Menyusul Amerika dan Jepang, Resesi Seks Terjadi di Korea Selatan
HONG KONG – Beberapa waktu lalu isu mengenai menurunnya gairah seks alias ‘resesi’ seks di kalangan remaja muda (milenial) di Amerika Serikat (AS) dan Jepang ramai menjadi perbincangan.
Ini dikarenakan resesi seks di kalangan milenial bisa membawa dampak besar pada ekonomi suatu negara, seperti yang diungkapkan analis politik dan ekonomi Jake Novak dalam penelitiannya yang dimuat CNBC International.
Dalam analisisnya, Jake mengatakan resesi seks dan menurunnya pernikahan mengindikasikan bahwa kaum milenial juga akan menunda aspek-aspek kedewasaan lainnya seperti membeli rumah atau mobil, yang mana akan menyumbang perlambatan ekonomi.
Dalam ekonomi, resesi berarti kontraksi pertumbuhan ekonomi dalam dua kuartal beruntun.
Namun ternyata, resesi seks kini tidak hanya melanda AS dan Jepang. Menurut laporan AFP, kasus ini mulai terjadi di negeri K-Pop alias Korea Selatan.
Di Korea Selatan bahkan sudah ada persatuan wanita yang menolak norma patriarkal yang kaku dan bersumpah untuk tidak menikah, punya anak atau bahkan berkencan dan berhubungan seks.

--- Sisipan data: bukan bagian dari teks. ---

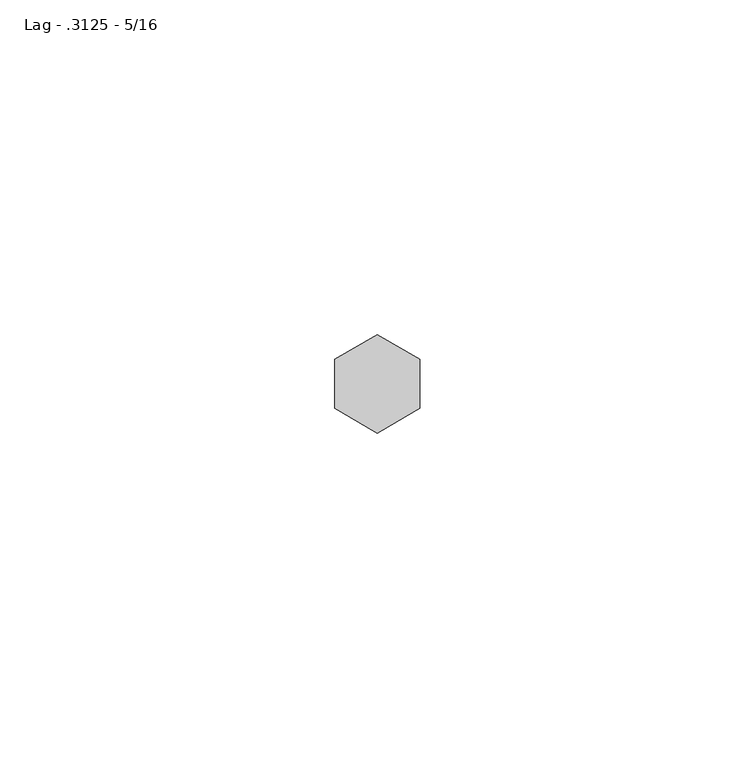
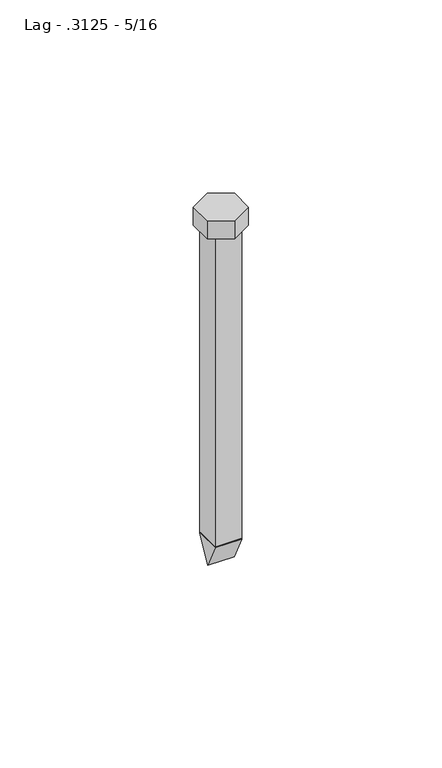
"""IFC4 building model written with IfcOpenShell, lengths in millimetres: fastener geometry, 060523 - W_P_C - Fastenings - Generic - SQUARE : Lag - .3125 - 5/16."""

import ifcopenshell
import ifcopenshell.guid

model = None  # the IFC model being written
_history = None  # IfcOwnerHistory: only IFC2X3 demands one
_inside = {}  # id of a spatial element -> (the spatial element, [elements in it])
_under = {}  # id of a project, library or spatial element -> (it, [spatial elements below it])
_declared = {}  # id of a project -> (the project, [libraries it declares])
_typed = {}  # id of a type object -> (the type object, [elements of that type])
_made_of = {}  # id of a material, layer set ... -> (it, [elements and type objects made of it])


def new_model(schema):
    """Start an empty IFC model of exactly this schema.

    Asked for "IFC4X3", IfcOpenShell would pick the latest addendum, in which some entities
    have other attributes; the version numbers below select the first issue.
    IFC2X3 requires an IfcOwnerHistory on every rooted entity: one is made here for all.
    """
    global model, _history
    if schema == "IFC4X3":
        model = ifcopenshell.file(schema_version=(4, 3, 0, 0))
    else:
        model = ifcopenshell.file(schema=schema)
    _inside.clear()
    _under.clear()
    _declared.clear()
    _typed.clear()
    _made_of.clear()
    _history = None
    if model.schema == "IFC2X3":
        org = make("IfcOrganization", Name="unknown")
        user = make(
            "IfcPersonAndOrganization",
            ThePerson=make("IfcPerson", FamilyName="unknown"),
            TheOrganization=org,
        )
        app = make(
            "IfcApplication",
            ApplicationDeveloper=org,
            Version="unknown",
            ApplicationFullName="unknown",
            ApplicationIdentifier="unknown",
        )
        _history = make(
            "IfcOwnerHistory",
            OwningUser=user,
            OwningApplication=app,
            ChangeAction="ADDED",
            CreationDate=0,
        )
    return model


def make(cls, **values):
    """One entity of the class cls with the attributes given. An attribute that is None is left unset."""
    return model.create_entity(
        cls, **{name: value for name, value in values.items() if value is not None}
    )


def rooted(cls, **values):
    """An entity with a GlobalId (a new one), such as an element, a storey or a relation."""
    return make(cls, GlobalId=ifcopenshell.guid.new(), OwnerHistory=_history, **values)


def si_unit(unit_type, name, prefix=None):
    """IfcSIUnit, for example si_unit("LENGTHUNIT", "METRE", prefix="MILLI")."""
    return make("IfcSIUnit", UnitType=unit_type, Prefix=prefix, Name=name)


def assignment(units):
    """IfcUnitAssignment: the units of a project."""
    return None if units is None else make("IfcUnitAssignment", Units=units)


def point(xyz):
    """IfcCartesianPoint."""
    return None if xyz is None else make("IfcCartesianPoint", Coordinates=xyz)


def direction(xyz):
    """IfcDirection."""
    return None if xyz is None else make("IfcDirection", DirectionRatios=xyz)


def frame(location, z_axis=None, x_axis=None):
    """IfcAxis2Placement3D, a coordinate frame: its origin and axes. An axis left out is left unset."""
    return make(
        "IfcAxis2Placement3D",
        Location=point(location),
        Axis=direction(z_axis),
        RefDirection=direction(x_axis),
    )


def origin():
    """The frame at (0, 0, 0) with its axes left unset."""
    return frame((0.0, 0.0, 0.0))


def origin_with_axes():
    """The frame at (0, 0, 0) with the z axis (0, 0, 1) and the x axis (1, 0, 0) written out."""
    return frame((0.0, 0.0, 0.0), z_axis=(0.0, 0.0, 1.0), x_axis=(1.0, 0.0, 0.0))


def place(relative_to, where):
    """IfcLocalPlacement: puts the frame where relative to a parent placement (None: the world)."""
    return make(
        "IfcLocalPlacement", PlacementRelTo=relative_to, RelativePlacement=where
    )


def context(
    kind, dimensions, precision=None, world=None, true_north=None, identifier=None
):
    """IfcGeometricRepresentationContext, for example the 3D "Model" context."""
    return make(
        "IfcGeometricRepresentationContext",
        ContextIdentifier=identifier,
        ContextType=kind,
        CoordinateSpaceDimension=dimensions,
        Precision=precision,
        WorldCoordinateSystem=world,
        TrueNorth=true_north,
    )


def project(units=None, contexts=None):
    """IfcProject with its units and contexts."""
    return rooted(
        "IfcProject",
        Name="project",
        RepresentationContexts=contexts,
        UnitsInContext=assignment(units),
    )


def spatial(cls, under=None, at=None, **own):
    """A site, building, storey or space (cls), placed at a placement, below another one or the project."""
    s = rooted(cls, ObjectPlacement=at, **own)
    if under is not None:
        _under.setdefault(under.id(), (under, []))[1].append(s)
    return s


def polyline(points):
    """IfcPolyline through the points."""
    return make("IfcPolyline", Points=[point(p) for p in points])


def outline(outer, holes=None, kind="AREA"):
    """IfcArbitraryClosedProfileDef: a profile drawn as a closed curve; with holes, ...WithVoids."""
    if holes is None:
        return make("IfcArbitraryClosedProfileDef", ProfileType=kind, OuterCurve=outer)
    return make(
        "IfcArbitraryProfileDefWithVoids",
        ProfileType=kind,
        OuterCurve=outer,
        InnerCurves=holes,
    )


def extrude(swept, where, along, depth):
    """IfcExtrudedAreaSolid: the profile swept, set in the frame where, extruded along a direction by depth."""
    return make(
        "IfcExtrudedAreaSolid",
        SweptArea=swept,
        Position=where,
        ExtrudedDirection=direction(along),
        Depth=depth,
    )


def shape(context_of_items, identifier, shape_type, items):
    """IfcShapeRepresentation: the items that make up one representation, for example the "Body"."""
    return make(
        "IfcShapeRepresentation",
        ContextOfItems=context_of_items,
        RepresentationIdentifier=identifier,
        RepresentationType=shape_type,
        Items=items,
    )


def source(mapping_origin, context_of_items, identifier, shape_type, items):
    """IfcRepresentationMap: a shape defined once, which mapped items show again and again."""
    return make(
        "IfcRepresentationMap",
        MappingOrigin=mapping_origin,
        MappedRepresentation=shape(context_of_items, identifier, shape_type, items),
    )


def transform(
    local_origin,
    x_axis=None,
    y_axis=None,
    z_axis=None,
    scale=None,
    scale2=None,
    scale3=None,
    uniform=True,
):
    """IfcCartesianTransformationOperator3D, or its non-uniform kind. x_axis, y_axis, z_axis: its Axis1, 2, 3."""
    if uniform:
        return make(
            "IfcCartesianTransformationOperator3D",
            Axis1=direction(x_axis),
            Axis2=direction(y_axis),
            LocalOrigin=point(local_origin),
            Scale=scale,
            Axis3=direction(z_axis),
        )
    return make(
        "IfcCartesianTransformationOperator3DnonUniform",
        Axis1=direction(x_axis),
        Axis2=direction(y_axis),
        LocalOrigin=point(local_origin),
        Scale=scale,
        Axis3=direction(z_axis),
        Scale2=scale2,
        Scale3=scale3,
    )


def mapped(mapping_source, mapping_target):
    """IfcMappedItem: shows the shape of a source again, moved by a transform."""
    return make(
        "IfcMappedItem", MappingSource=mapping_source, MappingTarget=mapping_target
    )


def made_of(thing, what):
    """Note that an element or type object is made of a material, layer set ...; save() writes the relation."""
    if what is not None:
        _made_of.setdefault(what.id(), (what, []))[1].append(thing)
    return thing


def element(
    cls,
    number,
    at=None,
    inside=None,
    cuts=None,
    type_object=None,
    material=None,
    context=None,
    identifier="Body",
    shape_type=None,
    held_by="IfcProductDefinitionShape",
    body=None,
    shapes=None,
    **own,
):
    """One element of the class cls, such as IfcWall. Its Tag is "e" and its number.

    at: its placement. inside: the storey or other place that contains it. cuts: it is an
    opening in that element (IfcRelVoidsElement). A single representation is given by context,
    identifier, shape_type and body (its items); several are given by shapes. held_by: the class
    of the entity that holds the representations. save() writes the other relations.
    """
    e = rooted(cls, Tag="e%d" % number, ObjectPlacement=at, **own)
    if body is not None:
        shapes = [shape(context, identifier, shape_type, body)]
    if shapes is not None:
        e.Representation = make(held_by, Representations=shapes)
    if inside is not None:
        _inside.setdefault(inside.id(), (inside, []))[1].append(e)
    if cuts is not None:
        rooted(
            "IfcRelVoidsElement", RelatingBuildingElement=cuts, RelatedOpeningElement=e
        )
    if type_object is not None:
        _typed.setdefault(type_object.id(), (type_object, []))[1].append(e)
    return made_of(e, material)


def aggregate(whole, parts):
    """IfcRelAggregates: a whole, such as a stair, and the parts it consists of."""
    return rooted("IfcRelAggregates", RelatingObject=whole, RelatedObjects=parts)


def save(model, path):
    """Write the relations noted so far, then the file.

    IfcRelAggregates (storeys below a building ...), IfcRelContainedInSpatialStructure (elements
    in a storey), IfcRelDefinesByType, IfcRelAssociatesMaterial and IfcRelDeclares: one each for
    every whole, place, type object, material and project.
    """
    for whole, parts in _under.values():
        aggregate(whole, parts)
    for where, things in _inside.values():
        rooted(
            "IfcRelContainedInSpatialStructure",
            RelatedElements=things,
            RelatingStructure=where,
        )
    for kind, things in _typed.values():
        rooted("IfcRelDefinesByType", RelatedObjects=things, RelatingType=kind)
    for what, things in _made_of.values():
        rooted("IfcRelAssociatesMaterial", RelatedObjects=things, RelatingMaterial=what)
    for by, libraries in _declared.values():
        rooted("IfcRelDeclares", RelatingContext=by, RelatedDefinitions=libraries)
    model.write(path)


def lag_3125_5_16_b9fc9e3e(model_context):
    return source(origin(), model_context, "Body", "SweptSolid", [
        extrude(outline(polyline([(0.0, -109.8296), (-4.1148, -101.6), (4.1148, -101.6), (0.0, -109.8296)])), frame((-4.1148, 0.0, 0.0), z_axis=(1.0, 0.0, 0.0), x_axis=(0.0, 1.0, 0.0)), (0.0, 0.0, 1.0), 8.2296),
        extrude(outline(polyline([(-6.35, 3.6661742), (0.0, 7.3323484), (6.35, 3.6661742), (6.35, -3.6661742), (0.0, -7.3323484), (-6.35, -3.6661742), (-6.35, 3.6661742)])), origin_with_axes(), (0.0, 0.0, 1.0), 5.953125),
        extrude(outline(polyline([(-4.1148, 4.1148), (4.1148, 4.1148), (4.1148, -4.1148), (-4.1148, -4.1148), (-4.1148, 4.1148)])), frame((0.0, 0.0, -101.6), z_axis=(0.0, 0.0, 1.0), x_axis=(1.0, 0.0, 0.0)), (0.0, 0.0, 1.0), 101.6),
    ])


if __name__ == "__main__":
    model = new_model("IFC4")
    model_context = context("Model", 3, world=origin())
    ifc_project = project(units=[si_unit("LENGTHUNIT", "METRE", prefix="MILLI")], contexts=[model_context])
    site = spatial("IfcSite", under=ifc_project)
    building = spatial("IfcBuilding", under=site)
    placement = place(None, origin())
    lag_3125_5_16_shape = lag_3125_5_16_b9fc9e3e(model_context)
    element("IfcFastener", 1, ObjectType="060523 - W_P_C - Fastenings - Generic - SQUARE : Lag - .3125 - 5/16", at=placement, inside=building, context=model_context, shape_type="MappedRepresentation", body=[
        mapped(lag_3125_5_16_shape, transform((0.0, 0.0, 0.0), x_axis=(1.0, 0.0, 0.0), y_axis=(0.0, 1.0, 0.0), z_axis=(0.0, 0.0, 1.0))),
    ])
    save(model, "model.ifc")

# Revit data of these elements
# Type "060523 - W_P_C - Fastenings - Generic - SQUARE : Lag - .3125 - 5/16"
#   Washer_Thickness = 0' - 0 5/64"
#   Washer Radius = 0' - 0.39638"
#   Washer Offset - Head = 0' - 0"
#   Washer Offset = 0' - 0"
#   Thickness_of_Substrate [instance default] = 0' - 1"
#   Side = 0' - 0 37/128"
#   Radius = 0' - 0.162"
#   Length [instance default] = 0' - 4"
#   Head Size = 0' - 0 1/2"
#   Head Radius = 0' - 0 1/4"
#   Head Height = 0' - 0 15/64"
#   Double Diameter = 0' - 0.648"
#   Diameter = 0' - 0.324"
#   Default Elevation = 4' - 0"
#   Washer_Nut_Visibility = no
#   Washer_Head_Visibility = no
#   Round_Head_Visibility = no
#   Point Visibility = yes
#   Nut_Visibility = no
#   Hex_Head_Visiblilty = yes
#   Washer Material = none
#   Bolt Material (Size) = AT SILL - FASTENER AT 24" O.C.
# Element 1 (IfcFastener, "060523 - W_P_C - Fastenings - Generic - SQUARE : Lag - .3125 - 5/16")
#   Materials on its faces: "AT SILL - FASTENER AT 24\" O.C."
# Materials
#   "AT SILL - FASTENER AT 24\" O.C.": class "Generic", colour RGB 120 120 120, transparency 0, Cost = 0

Kelompok feminis radikal nasional itu bernama ‘4B’ atau ‘Four Nos’, yang merupakan kepanjangan dari ‘no dating, no sex, no marriage, and no child-rearing’, yang artinya adalah tidak berkencan, tidak melakukan seks, tidak menikah, dan tidak mengasuh anak.
Salah satu wanita yang bergabung dalam kelompok itu adalah Bonnie Lee, seorang profesional berusia 40-an yang hanya tinggal bersama anjingnya di dekat Seoul.
“Aku wanita normal (straight) yang tidak lagi tertarik menjalin hubungan dengan pria.” Kata Lee, sebagaimana dilaporkan AFP.
“Saya selalu merasa bahwa sebagai seorang wanita ada lebih banyak kerugian daripada keuntungan dari menikah, tambah Lee.
Lee yang memiliki dua gelar master juga mengatakan bahwa menikah bisa membuat gelar pendidikan dan karir menjadi tidak ada artinya. Sebab, yang diharapkan dalam pernikahan adalah seorang wanita harus bisa mengerjakan pekerjaan rumah, membesarkan anak-anak, dan merawat mertua yang menua.
“Di pasar pernikahan, kehidupan dan pengalaman kerja Anda sebelumnya tidak penting,” kata Lee.
“Untuk alasan yang konyol, menjadi wanita berpendidikan tinggi juga menjadi poin minus. Yang paling penting sebagai calon istri adalah apakah Anda mampu merawat suami dan mertua Anda,” tambahnya.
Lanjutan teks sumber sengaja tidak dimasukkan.